Capstone Exercise: Applying Lessons in a Mini-Project
Notes and instructions
On Github Desktop
- Cloned R-cafe repository
- Created your own branch on the repository
- Checkout your own branch
You are expected to save your answer under R-cafe/capstone_exercises/capstone.R
It is expected that the exercise answers will vary, and any result that fulfills the objectives will be acceptable.
The samples are provided in samples
folder to illustrate what might be included in the results; you may add other elements or make changes based on your experience and needs.
A. Data and Files
This project uses real clinical trial data from OUCRU. The data includes:
- Main Dataset:
- File:
2-10-2020-_03TS_V1_Data.xls
- Contains most information. Variable explanations are in the statistical plan file (
03TS analysis plan V1.5 November 2020 Accept changes.docx
).
- File:
- Treatment Allocation:
- File:
03TS_Randlist.xlsx
- Includes treatment arm allocations and a
dictionary
sheet explaining the four arms.
- File:
- Violations, Exclusions, Withdrawals:
- File:
Protocol violations, exclusions, withdrawals.xlsx
- Any ids listed in the files will be excluded accordingly.
- File:
- Adverse events:
- File:
AE.SAE DATA SHEET.xls
- Includes adverse events information.
- File:
- Statistical Plan:
- File:
03TS analysis plan V1.5 November 2020 Accept changes.docx
- Provides guidance on specific variables. Read this for more details to fulfill your objectives.
- File:
B. Objectives
I. Data Preparation
Prepare data for the following populations:
IT-ITT, IM_ITT, IT_PP, IM_PP, IM_ALL.
Use
03TS_Randlist.xlsx
for allocation of the first 272 participants.Use
Protocol violations, exclusions, withdrawals.xlsx
for filtering data per population.
II. Table Creation
1. Baseline Characteristics:
Summarize as follows:
- Numeric Data: Report median, 1st/3rd quartiles, lowest, and highest values.
- Categorical Data: Report count (n) and percentage (%).
- No formal statistical comparisons between study arms.

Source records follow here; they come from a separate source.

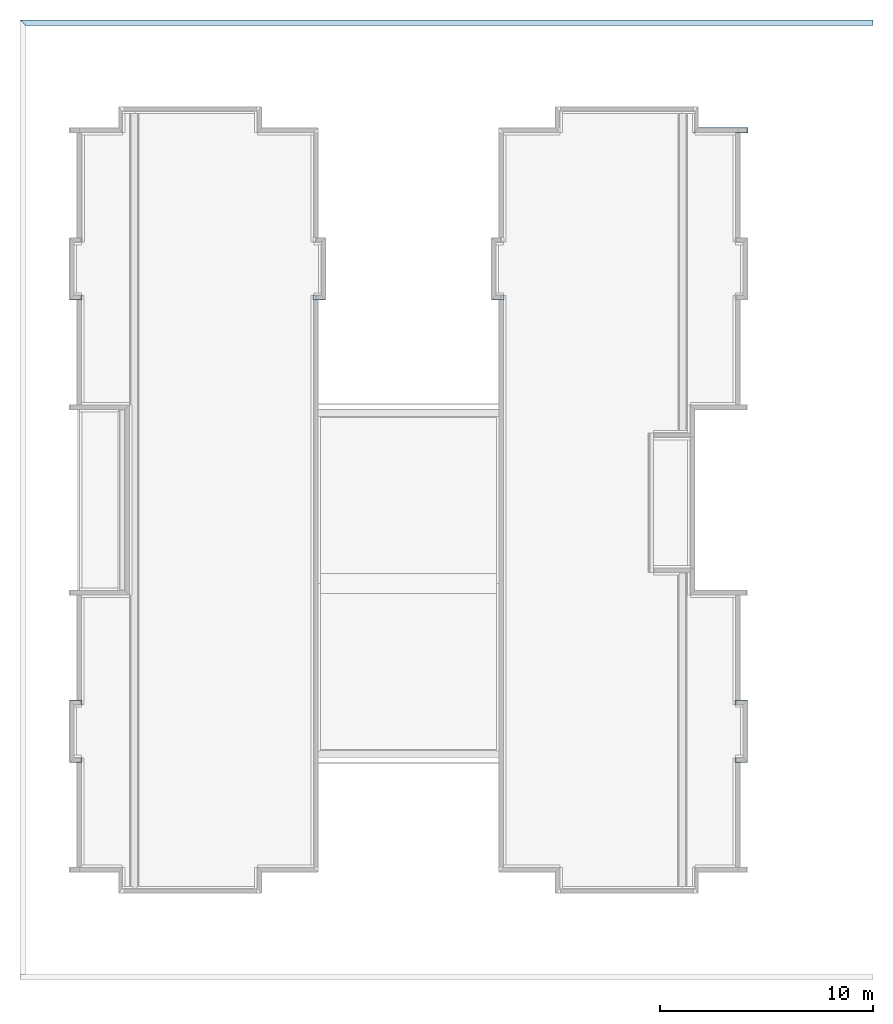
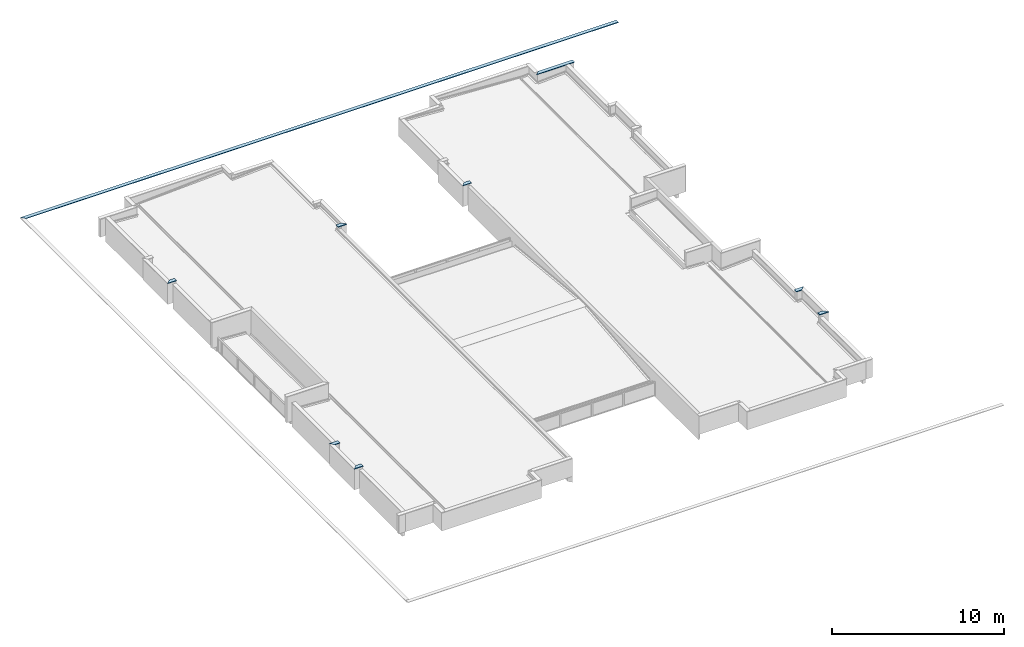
# One storey, part 22 of 25: 9 roofs.
"""IFC4 building model written with IfcOpenShell, lengths in metres."""

from ifc_helpers import new_model, entity, si_unit, converted_unit, derived_unit, direction, frame, origin_with_axes, place, context, subcontext, project, spatial, polygons, material, constituent, constituent_set, type_object, element, save


model = new_model("IFC4")

# Units and contexts
model_context = context("Model", 3, precision=1e-05, world=origin_with_axes(), true_north=direction((0.0, 1.0)))
body_context = subcontext(model_context, "Body", "Model", "MODEL_VIEW")
ifc_project = project(units=[si_unit("LENGTHUNIT", "METRE"), si_unit("AREAUNIT", "SQUARE_METRE"), si_unit("VOLUMEUNIT", "CUBIC_METRE"), converted_unit("PLANEANGLEUNIT", "DEGREE", entity("IfcPlaneAngleMeasure", 0.0174532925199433), si_unit("PLANEANGLEUNIT", "RADIAN"), dimensions=[0, 0, 0, 0, 0, 0, 0]), converted_unit("TIMEUNIT", "Year", entity("IfcTimeMeasure", 31557600.0), si_unit("TIMEUNIT", "SECOND"), dimensions=[0, 0, 1, 0, 0, 0, 0]), si_unit("MASSUNIT", "GRAM", prefix="KILO"), si_unit("THERMODYNAMICTEMPERATUREUNIT", "DEGREE_CELSIUS"), si_unit("LUMINOUSINTENSITYUNIT", "LUMEN"), si_unit("ENERGYUNIT", "JOULE", prefix="MEGA"), derived_unit("THERMALCONDUCTANCEUNIT", [(si_unit("POWERUNIT", "WATT"), 1), (si_unit("LENGTHUNIT", "METRE"), -1), (si_unit("THERMODYNAMICTEMPERATUREUNIT", "KELVIN"), -1)]), derived_unit("SPECIFICHEATCAPACITYUNIT", [(si_unit("ENERGYUNIT", "JOULE"), 1), (si_unit("MASSUNIT", "GRAM", prefix="KILO"), -1), (si_unit("THERMODYNAMICTEMPERATUREUNIT", "KELVIN"), -1)]), derived_unit("MASSDENSITYUNIT", [(si_unit("MASSUNIT", "GRAM", prefix="KILO"), 1), (si_unit("VOLUMEUNIT", "CUBIC_METRE"), -1)])], contexts=[model_context])

# Site, building, storey
site_placement = place(None, origin_with_axes())
site = spatial("IfcSite", under=ifc_project, at=site_placement, Name="PADRÃO", CompositionType="ELEMENT")
building_placement = place(site_placement, origin_with_axes())
building = spatial("IfcBuilding", under=site, at=building_placement, Name="CRECHE PRÉ-ESCOLA TIPO 2", CompositionType="ELEMENT")
storey_placement = place(building_placement, frame((0.0, 0.0, 3.26), z_axis=(0.0, 0.0, 1.0), x_axis=(1.0, 0.0, 0.0)))
storey = spatial("IfcBuildingStorey", under=building, at=storey_placement, Name="COBERTURA", CompositionType="ELEMENT", Elevation=3.26)

# Roofs
ifc_material = material(Name="PINGADEIRA EM CHAPA DE AÇO GALVANIZADO")
ifc_constituent_1 = constituent(ifc_material, Name="PINGADEIRA EM CHAPA DE AÇO GALVANIZADO 1")
ifc_constituent_2 = constituent(ifc_material, Name="PINGADEIRA EM CHAPA DE AÇO GALVANIZADO 2")
ifc_constituent_set_1 = constituent_set(constituents=[ifc_constituent_1, ifc_constituent_2])
roof_type_1 = type_object("IfcRoofType", Name="Várias Estruturas- 2 Segmentos - 250 x 40 x 2560 (1+2559)", PredefinedType="NOTDEFINED")
roof_1_placement = place(storey_placement, frame((-5.86556439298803, 39.9501559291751, 1.31), z_axis=(0.0, 0.0, 1.0), x_axis=(0.0, 1.0, 0.0)))
element("IfcRoof", 1, at=roof_1_placement, inside=storey, type_object=roof_type_1, material=ifc_constituent_set_1, Name="V01", PredefinedType="NOTDEFINED", context=body_context, shape_type="Tessellation", body=[
    polygons([(0.0250000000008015, 0.0, 0.00999999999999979), (0.0250000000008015, 0.000999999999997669, 0.00999999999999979), (-0.225037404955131, 0.000999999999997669, 0.00999999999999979), (-0.225037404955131, 0.0, 0.00999999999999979), (0.0250000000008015, 0.0, -0.0300000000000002), (0.0250000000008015, 0.000999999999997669, -0.0300000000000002), (-0.225037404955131, 0.000999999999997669, -0.0300000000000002), (-0.225037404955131, 0.0, -0.0300000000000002)], [[[1, 2, 3, 4]], [[5, 6, 2, 1]], [[3, 2, 6, 7]], [[4, 3, 7, 8]], [[5, 1, 4, 8]], [[8, 7, 6, 5]]], closed=True),
    polygons([(-0.204999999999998, 0.000999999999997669, -0.0184313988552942), (-0.225037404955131, 0.000999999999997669, -0.0300000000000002), (-0.225037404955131, 0.404451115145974, -0.0300000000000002), (-0.204999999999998, 0.40445132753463, -0.0184313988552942), (-0.205500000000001, 0.000999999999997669, -0.01756537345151), (-0.224036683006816, 0.000999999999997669, -0.0282675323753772), (-0.224021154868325, 0.000999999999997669, 0.00900000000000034), (0.0240000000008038, 0.000999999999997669, 0.00900000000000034), (0.0240000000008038, 0.000999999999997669, -0.0282679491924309), (0.00546259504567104, 0.000999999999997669, -0.01756537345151), (0.00496259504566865, 0.000999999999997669, -0.0184313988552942), (0.0250000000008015, 0.000999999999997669, -0.0300000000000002), (0.0250000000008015, 0.000999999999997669, 0.00999999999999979), (-0.225020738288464, 0.000999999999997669, 0.00999999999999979), (-0.225029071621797, 0.544451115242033, -0.00999999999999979), (-0.225024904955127, 0.544451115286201, 0.0), (-0.225024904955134, 0.404451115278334, 0.0), (-0.225020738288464, 2.560020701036, 0.00999999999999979), (-0.225037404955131, 2.56003736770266, -0.0300000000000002), (-0.225037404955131, 0.559423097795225, -0.0300000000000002), (-0.225029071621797, 0.559423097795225, -0.00999999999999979), (-0.224024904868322, 0.404451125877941, 0.0), (-0.224036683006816, 0.404451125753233, -0.0282675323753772), (-0.205500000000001, 0.404451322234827, -0.01756537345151), (-0.224024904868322, 0.544451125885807, 0.0), (-0.224029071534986, 0.544451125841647, -0.00999999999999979), (-0.224029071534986, 0.559423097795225, -0.00999999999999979), (-0.224036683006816, 0.559423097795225, -0.0282675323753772), (-0.224036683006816, 2.55903664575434, -0.0282675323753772), (-0.224021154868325, 2.55902111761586, 0.00900000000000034), (0.0240000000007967, 2.31099996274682, 0.00900000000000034), (0.0240000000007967, 2.31099996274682, -0.0282679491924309), (0.00546259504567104, 2.32953736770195, -0.01756537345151), (0.00496259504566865, 2.33003736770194, -0.0184313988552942), (0.0250000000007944, 2.30999996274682, -0.0300000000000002), (0.0250000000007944, 2.30999996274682, 0.00999999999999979), (-0.205500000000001, 2.54049996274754, -0.01756537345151), (-0.204999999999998, 2.53999996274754, -0.0184313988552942), (-0.204999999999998, 0.559423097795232, -0.0184313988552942), (-0.205500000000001, 0.559423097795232, -0.01756537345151)], [[[1, 2, 3, 4]], [[1, 5, 6, 7, 8, 9, 10, 11, 12, 13, 14, 2]], [[15, 16, 17, 3, 2, 14, 18, 19, 20, 21]], [[22, 23, 24, 4, 3, 17]], [[5, 1, 4, 24]], [[6, 5, 24, 23]], [[23, 22, 25, 26, 27, 28, 29, 30, 7, 6]], [[31, 8, 7, 30]], [[32, 9, 8, 31]], [[33, 10, 9, 32]], [[34, 11, 10, 33]], [[35, 12, 11, 34]], [[36, 13, 12, 35]], [[18, 14, 13, 36]], [[16, 15, 26, 25]], [[17, 16, 25, 22]], [[29, 37, 38, 19, 18, 36, 35, 34, 33, 32, 31, 30]], [[39, 20, 19, 38]], [[40, 28, 27, 21, 20, 39]], [[21, 27, 26, 15]], [[28, 40, 37, 29]], [[40, 39, 38, 37]]], closed=True),
])
ifc_constituent_3 = constituent(ifc_material, Name="PINGADEIRA EM CHAPA DE AÇO GALVANIZADO 1")
ifc_constituent_4 = constituent(ifc_material, Name="PINGADEIRA EM CHAPA DE AÇO GALVANIZADO 2")
ifc_constituent_set_2 = constituent_set(constituents=[ifc_constituent_3, ifc_constituent_4])
roof_type_2 = type_object("IfcRoofType", Name="Várias Estruturas- 2 Segmentos - 250 x 40 x 609 (1+608)", PredefinedType="NOTDEFINED")
roof_2_placement = place(storey_placement, frame((-6.47456699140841, 10.2001564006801, 1.51), z_axis=(0.0, 0.0, 1.0), x_axis=(4.85308304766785e-05, -0.999999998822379, 0.0)))
element("IfcRoof", 2, at=roof_2_placement, inside=storey, type_object=roof_type_2, material=ifc_constituent_set_2, Name="V01", PredefinedType="NOTDEFINED", context=body_context, shape_type="Tessellation", body=[
    polygons([(0.0250000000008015, 0.0, 0.00999999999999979), (0.0250000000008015, 0.00100000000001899, 0.00999999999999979), (-0.225037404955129, 0.00100000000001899, 0.00999999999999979), (-0.225037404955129, 0.0, 0.00999999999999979), (0.0250000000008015, 0.0, -0.0300000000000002), (0.0250000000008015, 0.00100000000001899, -0.0300000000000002), (-0.225037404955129, 0.00100000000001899, -0.0300000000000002), (-0.225037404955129, 0.0, -0.0300000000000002)], [[[1, 2, 3, 4]], [[5, 6, 2, 1]], [[3, 2, 6, 7]], [[4, 3, 7, 8]], [[5, 1, 4, 8]], [[8, 7, 6, 5]]], closed=True),
    polygons([(0.00496259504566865, 0.000999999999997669, -0.0184313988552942), (0.00496259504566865, 0.589101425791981, -0.0184313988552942), (0.0250000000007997, 0.609138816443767, -0.0300000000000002), (0.0250000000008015, 0.00100000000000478, -0.0300000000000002), (0.00546259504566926, 0.00100000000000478, -0.01756537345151), (0.00546259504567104, 0.589601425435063, -0.01756537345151), (-0.205000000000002, 0.379138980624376, -0.0184313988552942), (-0.225037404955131, 0.359101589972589, -0.0300000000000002), (-0.225020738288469, 0.359118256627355, 0.00999999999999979), (0.0250000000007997, 0.609138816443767, 0.00999999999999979), (0.0240000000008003, 0.608138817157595, -0.0282679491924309), (0.0240000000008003, 0.608138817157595, 0.00900000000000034), (-0.224021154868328, 0.360117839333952, 0.00900000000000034), (-0.224036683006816, 0.360102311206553, -0.0282675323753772), (-0.205500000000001, 0.378638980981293, -0.01756537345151), (0.0250000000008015, 0.00100000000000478, 0.00999999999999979), (-0.224036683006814, 0.00100000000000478, -0.0282675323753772), (-0.224021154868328, 0.00100000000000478, 0.00900000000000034), (0.0240000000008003, 0.00100000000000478, 0.00900000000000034), (0.0240000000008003, 0.00100000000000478, -0.0282679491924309), (-0.225020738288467, 0.00100000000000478, 0.00999999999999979), (-0.225037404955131, 0.00100000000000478, -0.0300000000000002), (-0.205000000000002, 0.00100000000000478, -0.0184313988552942), (-0.205499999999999, 0.00100000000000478, -0.01756537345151)], [[[1, 2, 3, 4]], [[5, 6, 2, 1]], [[7, 8, 9, 10, 3, 2, 6, 11, 12, 13, 14, 15]], [[4, 3, 10, 16]], [[17, 18, 19, 20, 5, 1, 4, 16, 21, 22, 23, 24]], [[20, 11, 6, 5]], [[22, 8, 7, 23]], [[21, 9, 8, 22]], [[16, 10, 9, 21]], [[19, 12, 11, 20]], [[18, 13, 12, 19]], [[17, 14, 13, 18]], [[24, 15, 14, 17]], [[23, 7, 15, 24]]], closed=True),
])
ifc_constituent_5 = constituent(ifc_material, Name="PINGADEIRA EM CHAPA DE AÇO GALVANIZADO 1")
ifc_constituent_6 = constituent(ifc_material, Name="PINGADEIRA EM CHAPA DE AÇO GALVANIZADO 2")
ifc_constituent_set_3 = constituent_set(constituents=[ifc_constituent_5, ifc_constituent_6])
roof_3_placement = place(storey_placement, frame((-37.106068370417, 13.1000019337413, 1.51), z_axis=(0.0, 0.0, 1.0), x_axis=(0.0, 1.0, 0.0)))
element("IfcRoof", 3, at=roof_3_placement, inside=storey, type_object=roof_type_2, material=ifc_constituent_set_3, Name="V01", PredefinedType="NOTDEFINED", context=body_context, shape_type="Tessellation", body=[
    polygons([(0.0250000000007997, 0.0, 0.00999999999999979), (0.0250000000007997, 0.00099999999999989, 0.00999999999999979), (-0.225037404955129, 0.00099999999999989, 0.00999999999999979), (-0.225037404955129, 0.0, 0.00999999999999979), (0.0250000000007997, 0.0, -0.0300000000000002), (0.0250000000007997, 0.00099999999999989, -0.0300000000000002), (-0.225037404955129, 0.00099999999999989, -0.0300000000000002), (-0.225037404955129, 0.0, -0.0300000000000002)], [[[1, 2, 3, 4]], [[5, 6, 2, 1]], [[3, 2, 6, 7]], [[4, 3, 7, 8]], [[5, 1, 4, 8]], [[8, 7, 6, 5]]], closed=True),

Characteristics to summarize:
- Patient Details:
- Sex, age, BMI (BMI = ADM.WEIGHT / (ADM.HEIGHT)^2).
- Past Medical History:
- Variables like ADM.HYPERTENSION, ADM.MYOCARDIALINFART, ADM.SEVERELIVER, etc.
- Patient History:
- Duration of illness, incubation period, respiratory rate, platelet count, etc.
- Specific Severity Scores:
- Tetanus Severity, SOFA, APACHE II (calculated from variables).
2. Adverse Events (AE):
Summarize proportions of individuals with AEs, categorized by grade (I-IV) and relation to treatment.
- Exclude specific events (e.g., “Nasogastric tube”, “Tracheostomy”).
- Use chi-square or Fisher’s exact test for comparisons.
- Severe adverse events are summarized separately for each population.
III. Plots
1. Create plots for:
- Pipecuronium:
- Total dose during hospital stay (ventilated patients).
- Duration of use (ventilated patients).
- Diazepam:
- Total dose during hospital stay.
- Midazolam:
- Total dose during hospital stay.
- Benzodiazepines:
- Total dose as diazepam equivalent.
- Total duration of use.
- ggplot2 is a powerful package for creating plots, offering many functions that support various features. For example, it can create violin plots (
geom_violin
), boxplots (geom_boxplot
), histograms (geom_histogram
with thebinwidth
argument to adjust the bins), scatter plots (geom_point
), and usegeom_segment
to display the mean and confidence intervals. - gridExtra is a package used to arrange multiple plots in a single figure. Try using
grid.arrange
, or you may opt for another package that serves the same function.
2. Create line plot for:
Create a line plot of the daily maximum temperature for each patient during the first 7 days after admission. Use one colour for each treatment arm and make the mean temperature for each day bold for each patient. Sample is not provided for this exercise.
- Compute Mean: Use
dplyr::group_by()
andsummarize()
to calculate the mean temperature for each day and treatment arm. - Plot Individual Lines: Use
geom_line()
withaes(group = usubjid)
for individual patient data. - Add Bold Line for Mean: Use a second
geom_line()
with the computed mean data and adjust the size parameter for a bold line.